**Data shown**

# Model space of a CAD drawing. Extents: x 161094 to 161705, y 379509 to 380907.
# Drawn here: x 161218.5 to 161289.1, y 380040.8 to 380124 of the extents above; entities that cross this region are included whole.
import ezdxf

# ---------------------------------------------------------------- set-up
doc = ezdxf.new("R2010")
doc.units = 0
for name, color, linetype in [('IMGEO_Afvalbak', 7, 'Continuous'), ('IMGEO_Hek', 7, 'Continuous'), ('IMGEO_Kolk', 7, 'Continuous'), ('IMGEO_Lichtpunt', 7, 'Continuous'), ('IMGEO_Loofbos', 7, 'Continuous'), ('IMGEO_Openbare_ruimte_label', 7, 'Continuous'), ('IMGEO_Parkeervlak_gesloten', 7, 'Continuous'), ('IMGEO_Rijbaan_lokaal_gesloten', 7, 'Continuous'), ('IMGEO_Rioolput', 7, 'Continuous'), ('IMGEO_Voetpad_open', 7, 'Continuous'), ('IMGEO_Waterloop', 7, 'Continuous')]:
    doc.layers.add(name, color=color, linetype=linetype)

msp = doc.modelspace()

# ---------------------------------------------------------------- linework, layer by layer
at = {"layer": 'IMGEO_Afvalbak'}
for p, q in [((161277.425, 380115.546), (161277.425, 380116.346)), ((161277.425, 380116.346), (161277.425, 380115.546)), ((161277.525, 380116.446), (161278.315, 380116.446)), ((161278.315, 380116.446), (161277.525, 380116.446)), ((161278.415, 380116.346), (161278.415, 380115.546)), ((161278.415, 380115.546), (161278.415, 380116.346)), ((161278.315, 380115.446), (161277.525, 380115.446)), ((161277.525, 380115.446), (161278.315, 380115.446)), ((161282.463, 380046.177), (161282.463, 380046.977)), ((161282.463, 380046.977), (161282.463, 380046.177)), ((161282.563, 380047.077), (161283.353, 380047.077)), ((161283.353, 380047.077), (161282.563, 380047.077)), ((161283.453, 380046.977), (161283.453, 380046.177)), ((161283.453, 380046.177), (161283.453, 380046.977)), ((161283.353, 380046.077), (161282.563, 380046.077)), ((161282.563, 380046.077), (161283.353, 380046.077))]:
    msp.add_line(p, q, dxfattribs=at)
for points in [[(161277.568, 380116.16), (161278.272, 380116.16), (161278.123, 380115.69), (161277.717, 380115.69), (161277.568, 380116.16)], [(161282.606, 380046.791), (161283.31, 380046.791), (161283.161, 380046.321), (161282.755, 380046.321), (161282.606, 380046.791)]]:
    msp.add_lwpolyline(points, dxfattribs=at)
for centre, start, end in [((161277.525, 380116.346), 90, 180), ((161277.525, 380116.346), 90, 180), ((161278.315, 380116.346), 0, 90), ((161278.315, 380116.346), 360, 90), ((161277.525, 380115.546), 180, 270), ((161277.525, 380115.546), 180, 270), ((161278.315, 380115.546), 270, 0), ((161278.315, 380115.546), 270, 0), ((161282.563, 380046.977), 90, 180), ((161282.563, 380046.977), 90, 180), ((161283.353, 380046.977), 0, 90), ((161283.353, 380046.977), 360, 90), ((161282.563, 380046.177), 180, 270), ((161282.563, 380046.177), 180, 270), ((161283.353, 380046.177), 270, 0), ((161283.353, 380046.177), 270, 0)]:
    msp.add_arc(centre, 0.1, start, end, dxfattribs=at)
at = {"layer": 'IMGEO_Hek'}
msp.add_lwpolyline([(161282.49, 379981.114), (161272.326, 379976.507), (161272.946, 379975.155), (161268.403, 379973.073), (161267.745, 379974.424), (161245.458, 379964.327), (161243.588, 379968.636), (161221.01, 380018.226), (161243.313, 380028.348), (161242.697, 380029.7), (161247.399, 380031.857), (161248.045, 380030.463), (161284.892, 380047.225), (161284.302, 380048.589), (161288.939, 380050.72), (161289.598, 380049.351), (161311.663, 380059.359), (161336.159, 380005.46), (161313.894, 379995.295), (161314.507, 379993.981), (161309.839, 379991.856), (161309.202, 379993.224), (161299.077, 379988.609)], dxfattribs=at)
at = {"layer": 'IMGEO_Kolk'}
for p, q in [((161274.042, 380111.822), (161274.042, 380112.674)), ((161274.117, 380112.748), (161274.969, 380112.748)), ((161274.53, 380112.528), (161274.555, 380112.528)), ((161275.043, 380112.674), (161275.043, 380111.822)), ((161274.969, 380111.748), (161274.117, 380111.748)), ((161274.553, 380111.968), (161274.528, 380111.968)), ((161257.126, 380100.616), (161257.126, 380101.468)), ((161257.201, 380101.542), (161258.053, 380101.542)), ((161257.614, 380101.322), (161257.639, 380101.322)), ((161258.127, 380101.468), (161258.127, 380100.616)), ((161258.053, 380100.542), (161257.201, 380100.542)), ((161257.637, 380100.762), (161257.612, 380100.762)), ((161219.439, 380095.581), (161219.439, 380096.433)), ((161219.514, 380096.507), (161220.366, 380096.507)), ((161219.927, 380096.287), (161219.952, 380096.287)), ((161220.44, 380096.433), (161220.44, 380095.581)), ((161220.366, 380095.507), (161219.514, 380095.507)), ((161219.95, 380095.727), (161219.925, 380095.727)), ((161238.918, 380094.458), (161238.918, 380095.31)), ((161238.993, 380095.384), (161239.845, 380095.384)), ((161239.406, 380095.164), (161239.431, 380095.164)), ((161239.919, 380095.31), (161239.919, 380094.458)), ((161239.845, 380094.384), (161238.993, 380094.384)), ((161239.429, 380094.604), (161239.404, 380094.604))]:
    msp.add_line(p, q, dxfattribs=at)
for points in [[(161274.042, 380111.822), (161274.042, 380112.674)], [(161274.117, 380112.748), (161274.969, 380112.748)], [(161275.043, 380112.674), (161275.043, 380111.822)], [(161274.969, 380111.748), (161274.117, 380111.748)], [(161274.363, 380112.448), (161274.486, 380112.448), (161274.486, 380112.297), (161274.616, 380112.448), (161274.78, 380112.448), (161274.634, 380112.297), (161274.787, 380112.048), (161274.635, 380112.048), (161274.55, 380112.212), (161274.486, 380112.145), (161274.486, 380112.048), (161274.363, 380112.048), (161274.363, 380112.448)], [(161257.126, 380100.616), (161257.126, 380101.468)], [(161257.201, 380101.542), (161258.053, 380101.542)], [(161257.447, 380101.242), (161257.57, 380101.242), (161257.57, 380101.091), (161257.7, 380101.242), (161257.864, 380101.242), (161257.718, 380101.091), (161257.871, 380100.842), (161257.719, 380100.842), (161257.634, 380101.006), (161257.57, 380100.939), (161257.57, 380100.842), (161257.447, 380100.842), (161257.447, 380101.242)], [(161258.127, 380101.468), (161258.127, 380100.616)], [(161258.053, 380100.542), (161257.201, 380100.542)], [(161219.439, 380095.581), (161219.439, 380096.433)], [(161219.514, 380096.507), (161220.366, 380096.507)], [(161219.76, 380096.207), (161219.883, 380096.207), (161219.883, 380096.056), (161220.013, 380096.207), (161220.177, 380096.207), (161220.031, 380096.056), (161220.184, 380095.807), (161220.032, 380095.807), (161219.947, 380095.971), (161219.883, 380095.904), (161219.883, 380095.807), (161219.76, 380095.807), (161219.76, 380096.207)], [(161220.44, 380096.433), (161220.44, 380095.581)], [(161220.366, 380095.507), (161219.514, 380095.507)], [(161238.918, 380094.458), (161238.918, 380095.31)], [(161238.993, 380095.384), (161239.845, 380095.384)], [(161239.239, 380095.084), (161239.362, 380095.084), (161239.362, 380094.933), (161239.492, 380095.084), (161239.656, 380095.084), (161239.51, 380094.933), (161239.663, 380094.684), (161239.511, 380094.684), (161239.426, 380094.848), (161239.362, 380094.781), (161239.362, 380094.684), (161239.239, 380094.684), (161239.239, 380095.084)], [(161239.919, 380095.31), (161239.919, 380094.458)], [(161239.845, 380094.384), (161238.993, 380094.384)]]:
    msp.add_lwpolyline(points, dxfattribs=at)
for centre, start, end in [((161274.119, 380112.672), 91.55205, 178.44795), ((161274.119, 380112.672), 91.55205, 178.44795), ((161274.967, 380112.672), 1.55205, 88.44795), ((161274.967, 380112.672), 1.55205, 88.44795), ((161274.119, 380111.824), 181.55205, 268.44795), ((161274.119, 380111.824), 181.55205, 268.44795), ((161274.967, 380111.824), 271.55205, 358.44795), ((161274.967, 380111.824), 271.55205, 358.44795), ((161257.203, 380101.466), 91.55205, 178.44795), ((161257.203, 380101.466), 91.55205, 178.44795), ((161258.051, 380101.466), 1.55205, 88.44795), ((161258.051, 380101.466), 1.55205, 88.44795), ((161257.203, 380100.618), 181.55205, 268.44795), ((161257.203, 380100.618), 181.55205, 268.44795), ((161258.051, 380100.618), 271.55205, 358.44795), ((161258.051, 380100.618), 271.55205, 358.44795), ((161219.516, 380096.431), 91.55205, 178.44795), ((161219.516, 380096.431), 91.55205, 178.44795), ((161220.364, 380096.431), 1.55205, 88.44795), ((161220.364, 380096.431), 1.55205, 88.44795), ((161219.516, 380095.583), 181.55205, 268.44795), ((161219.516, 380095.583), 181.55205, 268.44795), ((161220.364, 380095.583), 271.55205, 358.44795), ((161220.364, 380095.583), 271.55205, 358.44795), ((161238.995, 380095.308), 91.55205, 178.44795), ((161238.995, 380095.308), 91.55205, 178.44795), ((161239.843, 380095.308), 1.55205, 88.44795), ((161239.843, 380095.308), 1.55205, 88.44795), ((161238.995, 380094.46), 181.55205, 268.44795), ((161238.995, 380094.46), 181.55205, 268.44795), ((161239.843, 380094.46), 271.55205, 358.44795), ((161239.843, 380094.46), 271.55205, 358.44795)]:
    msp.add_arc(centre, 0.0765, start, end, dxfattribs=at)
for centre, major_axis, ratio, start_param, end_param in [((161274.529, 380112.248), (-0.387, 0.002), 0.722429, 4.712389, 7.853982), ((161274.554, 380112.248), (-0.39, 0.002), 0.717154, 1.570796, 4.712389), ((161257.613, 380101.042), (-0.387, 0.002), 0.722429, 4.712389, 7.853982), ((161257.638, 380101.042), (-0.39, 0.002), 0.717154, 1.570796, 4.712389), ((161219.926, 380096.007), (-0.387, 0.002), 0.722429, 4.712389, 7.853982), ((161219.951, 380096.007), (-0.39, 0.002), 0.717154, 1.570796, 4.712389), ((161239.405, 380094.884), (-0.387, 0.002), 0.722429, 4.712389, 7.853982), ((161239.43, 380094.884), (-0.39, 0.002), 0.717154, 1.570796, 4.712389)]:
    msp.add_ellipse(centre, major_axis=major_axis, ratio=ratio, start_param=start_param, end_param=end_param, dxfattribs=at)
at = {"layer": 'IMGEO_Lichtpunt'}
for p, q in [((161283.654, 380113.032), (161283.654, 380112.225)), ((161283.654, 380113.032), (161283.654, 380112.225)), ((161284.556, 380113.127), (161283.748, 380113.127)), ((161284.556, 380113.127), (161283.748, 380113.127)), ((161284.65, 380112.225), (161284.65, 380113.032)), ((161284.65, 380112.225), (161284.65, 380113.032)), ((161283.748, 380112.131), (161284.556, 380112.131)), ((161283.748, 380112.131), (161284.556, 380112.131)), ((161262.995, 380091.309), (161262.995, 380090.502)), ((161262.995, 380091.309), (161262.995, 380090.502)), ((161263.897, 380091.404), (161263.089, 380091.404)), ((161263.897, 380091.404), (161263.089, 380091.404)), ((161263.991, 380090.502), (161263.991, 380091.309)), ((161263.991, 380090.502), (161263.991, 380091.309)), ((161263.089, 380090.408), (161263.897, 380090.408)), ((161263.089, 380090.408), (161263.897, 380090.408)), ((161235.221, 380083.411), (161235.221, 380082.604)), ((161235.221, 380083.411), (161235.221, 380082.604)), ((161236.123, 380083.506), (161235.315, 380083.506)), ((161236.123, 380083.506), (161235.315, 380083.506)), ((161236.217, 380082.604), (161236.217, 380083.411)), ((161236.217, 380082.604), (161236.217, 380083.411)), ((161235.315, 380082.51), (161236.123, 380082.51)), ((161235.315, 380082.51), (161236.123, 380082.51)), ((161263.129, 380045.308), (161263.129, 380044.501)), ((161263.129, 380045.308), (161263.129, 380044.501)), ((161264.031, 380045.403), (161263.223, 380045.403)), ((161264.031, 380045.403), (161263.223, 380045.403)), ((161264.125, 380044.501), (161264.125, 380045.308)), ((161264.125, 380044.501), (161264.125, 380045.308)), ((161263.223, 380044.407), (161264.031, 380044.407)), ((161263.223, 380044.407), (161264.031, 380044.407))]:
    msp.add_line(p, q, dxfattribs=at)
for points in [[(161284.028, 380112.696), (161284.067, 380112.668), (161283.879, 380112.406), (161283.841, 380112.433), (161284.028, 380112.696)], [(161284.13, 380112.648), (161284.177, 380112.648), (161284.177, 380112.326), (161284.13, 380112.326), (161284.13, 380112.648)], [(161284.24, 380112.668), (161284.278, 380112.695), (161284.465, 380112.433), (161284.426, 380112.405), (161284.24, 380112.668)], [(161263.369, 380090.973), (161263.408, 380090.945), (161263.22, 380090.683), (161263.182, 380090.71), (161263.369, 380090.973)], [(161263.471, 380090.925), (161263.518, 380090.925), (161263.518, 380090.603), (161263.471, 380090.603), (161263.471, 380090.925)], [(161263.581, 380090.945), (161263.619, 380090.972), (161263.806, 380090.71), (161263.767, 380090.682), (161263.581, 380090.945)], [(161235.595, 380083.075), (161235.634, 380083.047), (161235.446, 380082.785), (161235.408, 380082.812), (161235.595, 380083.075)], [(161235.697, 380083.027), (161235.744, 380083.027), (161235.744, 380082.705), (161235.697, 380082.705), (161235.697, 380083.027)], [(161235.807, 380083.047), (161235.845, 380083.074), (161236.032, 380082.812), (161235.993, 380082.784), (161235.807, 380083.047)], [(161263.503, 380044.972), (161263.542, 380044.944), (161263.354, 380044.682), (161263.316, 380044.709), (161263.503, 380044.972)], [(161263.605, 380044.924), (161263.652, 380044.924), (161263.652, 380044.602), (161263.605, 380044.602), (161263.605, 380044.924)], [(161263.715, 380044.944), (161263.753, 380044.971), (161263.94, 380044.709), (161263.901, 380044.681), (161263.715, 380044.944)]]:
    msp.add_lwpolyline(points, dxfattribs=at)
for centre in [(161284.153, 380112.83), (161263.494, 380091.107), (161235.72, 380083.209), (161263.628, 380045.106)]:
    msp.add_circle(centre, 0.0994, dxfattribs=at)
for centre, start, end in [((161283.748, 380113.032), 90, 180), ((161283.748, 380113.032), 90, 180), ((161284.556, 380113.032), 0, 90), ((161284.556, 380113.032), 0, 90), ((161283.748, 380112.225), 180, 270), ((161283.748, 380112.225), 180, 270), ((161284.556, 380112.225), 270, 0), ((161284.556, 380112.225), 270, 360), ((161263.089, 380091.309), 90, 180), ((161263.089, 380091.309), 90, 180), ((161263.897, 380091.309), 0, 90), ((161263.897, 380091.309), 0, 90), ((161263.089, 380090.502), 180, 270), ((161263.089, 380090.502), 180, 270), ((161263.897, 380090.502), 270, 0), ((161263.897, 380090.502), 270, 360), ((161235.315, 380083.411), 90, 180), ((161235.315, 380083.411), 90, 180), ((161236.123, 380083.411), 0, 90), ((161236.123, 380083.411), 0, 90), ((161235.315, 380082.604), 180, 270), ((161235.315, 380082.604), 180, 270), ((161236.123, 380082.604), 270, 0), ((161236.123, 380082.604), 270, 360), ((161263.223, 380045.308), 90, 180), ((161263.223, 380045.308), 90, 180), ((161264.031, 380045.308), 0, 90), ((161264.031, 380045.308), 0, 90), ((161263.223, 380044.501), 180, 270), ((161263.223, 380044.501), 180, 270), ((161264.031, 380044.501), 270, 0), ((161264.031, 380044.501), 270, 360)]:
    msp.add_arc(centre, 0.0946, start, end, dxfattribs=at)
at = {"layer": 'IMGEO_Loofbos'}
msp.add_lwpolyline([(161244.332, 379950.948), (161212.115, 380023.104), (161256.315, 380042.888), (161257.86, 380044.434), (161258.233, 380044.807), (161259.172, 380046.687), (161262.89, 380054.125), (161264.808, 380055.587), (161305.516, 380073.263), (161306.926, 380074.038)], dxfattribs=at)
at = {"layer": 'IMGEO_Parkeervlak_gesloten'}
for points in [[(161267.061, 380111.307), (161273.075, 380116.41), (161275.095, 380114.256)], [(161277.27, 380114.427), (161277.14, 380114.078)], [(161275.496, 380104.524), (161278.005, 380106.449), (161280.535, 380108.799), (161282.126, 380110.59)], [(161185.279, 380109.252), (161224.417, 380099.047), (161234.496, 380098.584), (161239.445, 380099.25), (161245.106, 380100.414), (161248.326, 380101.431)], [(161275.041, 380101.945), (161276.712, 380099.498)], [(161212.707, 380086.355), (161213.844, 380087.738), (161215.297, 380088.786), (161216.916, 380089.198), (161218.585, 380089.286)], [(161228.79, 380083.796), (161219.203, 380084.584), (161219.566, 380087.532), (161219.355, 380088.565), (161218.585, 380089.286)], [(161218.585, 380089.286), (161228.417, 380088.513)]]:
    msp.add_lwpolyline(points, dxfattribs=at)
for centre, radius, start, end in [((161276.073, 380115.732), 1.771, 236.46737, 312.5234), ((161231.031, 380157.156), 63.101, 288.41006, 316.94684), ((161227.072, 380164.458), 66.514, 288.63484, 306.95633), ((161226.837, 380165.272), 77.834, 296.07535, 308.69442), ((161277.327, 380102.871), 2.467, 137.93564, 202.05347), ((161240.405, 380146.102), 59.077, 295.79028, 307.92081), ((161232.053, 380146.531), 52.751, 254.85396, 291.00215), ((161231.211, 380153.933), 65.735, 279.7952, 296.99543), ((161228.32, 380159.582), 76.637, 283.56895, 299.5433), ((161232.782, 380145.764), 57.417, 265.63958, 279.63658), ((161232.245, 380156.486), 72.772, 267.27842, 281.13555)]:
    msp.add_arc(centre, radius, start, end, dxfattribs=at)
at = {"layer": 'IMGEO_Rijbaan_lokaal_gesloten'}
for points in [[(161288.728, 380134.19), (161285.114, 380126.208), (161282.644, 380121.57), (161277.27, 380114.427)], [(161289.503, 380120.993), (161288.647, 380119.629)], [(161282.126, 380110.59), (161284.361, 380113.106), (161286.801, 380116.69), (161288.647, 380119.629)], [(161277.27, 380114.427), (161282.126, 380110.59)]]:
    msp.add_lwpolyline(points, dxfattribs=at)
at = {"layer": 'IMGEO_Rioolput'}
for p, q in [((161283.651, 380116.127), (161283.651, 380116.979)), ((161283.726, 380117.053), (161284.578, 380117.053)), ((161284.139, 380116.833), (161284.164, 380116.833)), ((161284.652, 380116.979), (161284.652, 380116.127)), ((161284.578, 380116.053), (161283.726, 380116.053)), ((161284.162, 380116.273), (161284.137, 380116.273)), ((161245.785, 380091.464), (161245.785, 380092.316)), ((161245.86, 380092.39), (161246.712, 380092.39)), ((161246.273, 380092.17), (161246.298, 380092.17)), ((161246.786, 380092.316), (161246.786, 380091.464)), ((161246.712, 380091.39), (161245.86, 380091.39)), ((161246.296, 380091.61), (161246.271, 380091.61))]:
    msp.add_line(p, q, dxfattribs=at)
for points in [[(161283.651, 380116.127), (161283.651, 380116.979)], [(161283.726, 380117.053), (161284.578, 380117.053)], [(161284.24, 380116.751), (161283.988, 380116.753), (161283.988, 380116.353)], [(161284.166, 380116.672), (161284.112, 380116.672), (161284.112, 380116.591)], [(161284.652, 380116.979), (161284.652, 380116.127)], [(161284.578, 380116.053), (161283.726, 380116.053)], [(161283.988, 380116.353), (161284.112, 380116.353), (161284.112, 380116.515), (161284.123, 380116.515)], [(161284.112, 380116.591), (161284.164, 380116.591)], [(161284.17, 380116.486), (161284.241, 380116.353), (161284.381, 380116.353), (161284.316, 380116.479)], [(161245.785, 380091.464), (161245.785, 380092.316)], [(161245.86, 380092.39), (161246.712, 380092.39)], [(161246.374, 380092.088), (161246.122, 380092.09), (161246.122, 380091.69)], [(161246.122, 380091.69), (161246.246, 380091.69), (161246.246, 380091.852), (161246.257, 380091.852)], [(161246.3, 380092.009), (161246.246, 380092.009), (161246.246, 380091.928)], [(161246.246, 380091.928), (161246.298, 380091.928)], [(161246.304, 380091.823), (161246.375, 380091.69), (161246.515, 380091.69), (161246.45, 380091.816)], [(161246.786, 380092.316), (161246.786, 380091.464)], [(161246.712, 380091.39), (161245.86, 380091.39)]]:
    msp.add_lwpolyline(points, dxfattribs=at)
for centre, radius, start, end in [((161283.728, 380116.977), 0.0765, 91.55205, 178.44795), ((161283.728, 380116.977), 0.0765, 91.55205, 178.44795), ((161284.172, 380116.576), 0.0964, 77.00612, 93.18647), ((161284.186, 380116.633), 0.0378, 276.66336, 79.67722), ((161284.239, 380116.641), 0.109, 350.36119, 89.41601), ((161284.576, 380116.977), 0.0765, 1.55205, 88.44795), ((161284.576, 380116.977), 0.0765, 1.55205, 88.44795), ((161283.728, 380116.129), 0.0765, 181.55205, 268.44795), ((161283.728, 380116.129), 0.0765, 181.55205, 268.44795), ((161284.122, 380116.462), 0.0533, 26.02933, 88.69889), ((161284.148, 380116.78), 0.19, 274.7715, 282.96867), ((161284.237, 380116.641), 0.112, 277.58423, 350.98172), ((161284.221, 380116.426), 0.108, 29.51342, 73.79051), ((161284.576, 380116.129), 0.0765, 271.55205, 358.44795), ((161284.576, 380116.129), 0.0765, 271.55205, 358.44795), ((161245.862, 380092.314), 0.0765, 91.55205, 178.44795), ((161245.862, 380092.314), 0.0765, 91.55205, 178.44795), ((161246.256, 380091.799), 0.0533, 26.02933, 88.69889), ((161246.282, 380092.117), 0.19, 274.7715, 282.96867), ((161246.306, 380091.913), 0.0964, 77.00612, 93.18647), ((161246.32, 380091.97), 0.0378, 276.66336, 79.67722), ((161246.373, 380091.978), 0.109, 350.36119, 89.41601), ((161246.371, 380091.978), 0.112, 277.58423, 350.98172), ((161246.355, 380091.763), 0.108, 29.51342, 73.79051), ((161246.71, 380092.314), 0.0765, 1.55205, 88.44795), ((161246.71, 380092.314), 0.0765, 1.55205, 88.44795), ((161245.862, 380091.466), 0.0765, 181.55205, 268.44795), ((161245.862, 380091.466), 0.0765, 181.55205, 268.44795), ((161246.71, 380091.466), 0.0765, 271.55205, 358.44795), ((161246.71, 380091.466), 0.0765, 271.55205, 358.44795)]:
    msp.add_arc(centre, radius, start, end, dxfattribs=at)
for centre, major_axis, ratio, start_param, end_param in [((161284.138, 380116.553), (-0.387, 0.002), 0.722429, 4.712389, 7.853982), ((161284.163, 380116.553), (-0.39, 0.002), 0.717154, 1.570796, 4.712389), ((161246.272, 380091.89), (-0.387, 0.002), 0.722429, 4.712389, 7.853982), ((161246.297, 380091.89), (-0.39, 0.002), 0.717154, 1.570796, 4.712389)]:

**What to produce**
Your task is to restate, word for word, only those lines above that fall between the line holding "doc.units = 0" and the line holding "for name, color, linetype", inclusive.

**Task solution**
doc.units = 0
for name, color, linetype in [('IMGEO_Afvalbak', 7, 'Continuous'), ('IMGEO_Hek', 7, 'Continuous'), ('IMGEO_Kolk', 7, 'Continuous'), ('IMGEO_Lichtpunt', 7, 'Continuous'), ('IMGEO_Loofbos', 7, 'Continuous'), ('IMGEO_Openbare_ruimte_label', 7, 'Continuous'), ('IMGEO_Parkeervlak_gesloten', 7, 'Continuous'), ('IMGEO_Rijbaan_lokaal_gesloten', 7, 'Continuous'), ('IMGEO_Rioolput', 7, 'Continuous'), ('IMGEO_Voetpad_open', 7, 'Continuous'), ('IMGEO_Waterloop', 7, 'Continuous')]:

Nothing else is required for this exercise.